Records contained in a dataset:

- - - - -

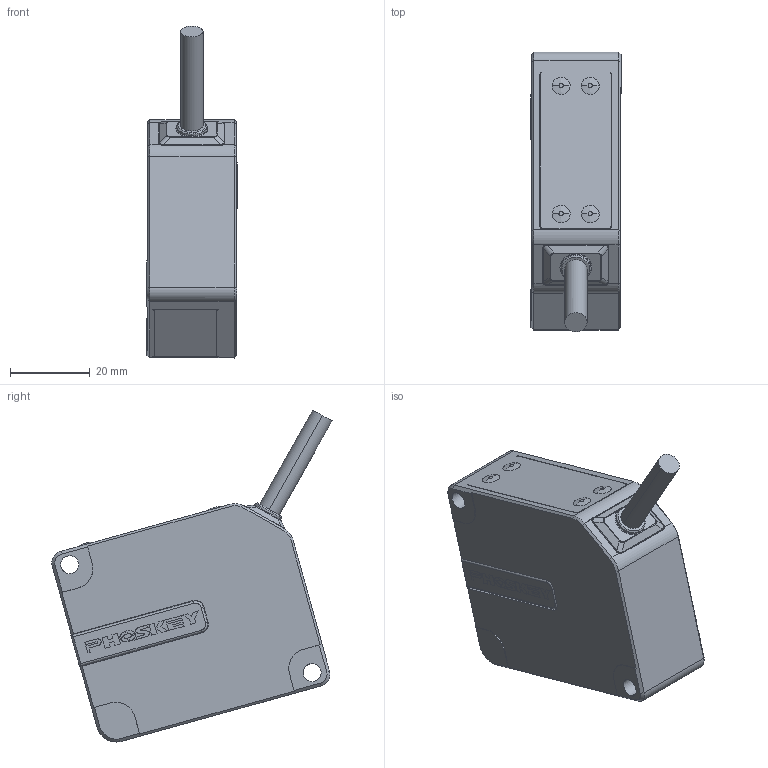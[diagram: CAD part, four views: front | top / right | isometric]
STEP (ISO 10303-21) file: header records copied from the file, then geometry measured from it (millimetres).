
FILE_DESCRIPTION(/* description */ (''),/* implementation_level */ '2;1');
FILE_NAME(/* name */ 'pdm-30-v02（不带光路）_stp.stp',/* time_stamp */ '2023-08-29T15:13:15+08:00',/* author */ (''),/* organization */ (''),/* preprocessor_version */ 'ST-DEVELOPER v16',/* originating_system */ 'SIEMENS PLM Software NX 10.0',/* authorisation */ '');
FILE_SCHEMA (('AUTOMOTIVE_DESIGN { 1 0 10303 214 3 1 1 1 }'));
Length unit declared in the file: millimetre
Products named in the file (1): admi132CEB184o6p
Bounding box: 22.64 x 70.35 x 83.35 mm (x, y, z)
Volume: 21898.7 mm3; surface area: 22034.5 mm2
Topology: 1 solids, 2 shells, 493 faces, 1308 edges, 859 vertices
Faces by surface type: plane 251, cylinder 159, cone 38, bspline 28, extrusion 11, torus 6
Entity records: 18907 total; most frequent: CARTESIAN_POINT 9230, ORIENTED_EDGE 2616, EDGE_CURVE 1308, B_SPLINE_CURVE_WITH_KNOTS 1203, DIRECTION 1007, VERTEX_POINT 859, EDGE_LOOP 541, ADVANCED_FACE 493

- - - - -

TASK TO COMPLETE: The reply should repeat the data in full, exactly as given, and contain no pictures.

RESPONSE AREA:
[diagram: CAD part, four views: front | top / right | isometric]
STEP (ISO 10303-21) file: header records copied from the file, then geometry measured from it (millimetres).
FILE_DESCRIPTION(/* description */ (''),/* implementation_level */ '2;1');
FILE_NAME(/* name */ 'pdm-30-v02（不带光路）_stp.stp',/* time_stamp */ '2023-08-29T15:13:15+08:00',/* author */ (''),/* organization */ (''),/* preprocessor_version */ 'ST-DEVELOPER v16',/* originating_system */ 'SIEMENS PLM Software NX 10.0',/* authorisation */ '');
FILE_SCHEMA (('AUTOMOTIVE_DESIGN { 1 0 10303 214 3 1 1 1 }'));
Length unit declared in the file: millimetre
Products named in the file (1): admi132CEB184o6p
Bounding box: 22.64 x 70.35 x 83.35 mm (x, y, z)
Volume: 21898.7 mm3; surface area: 22034.5 mm2
Topology: 1 solids, 2 shells, 493 faces, 1308 edges, 859 vertices
Faces by surface type: plane 251, cylinder 159, cone 38, bspline 28, extrusion 11, torus 6
Entity records: 18907 total; most frequent: CARTESIAN_POINT 9230, ORIENTED_EDGE 2616, EDGE_CURVE 1308, B_SPLINE_CURVE_WITH_KNOTS 1203, DIRECTION 1007, VERTEX_POINT 859, EDGE_LOOP 541, ADVANCED_FACE 493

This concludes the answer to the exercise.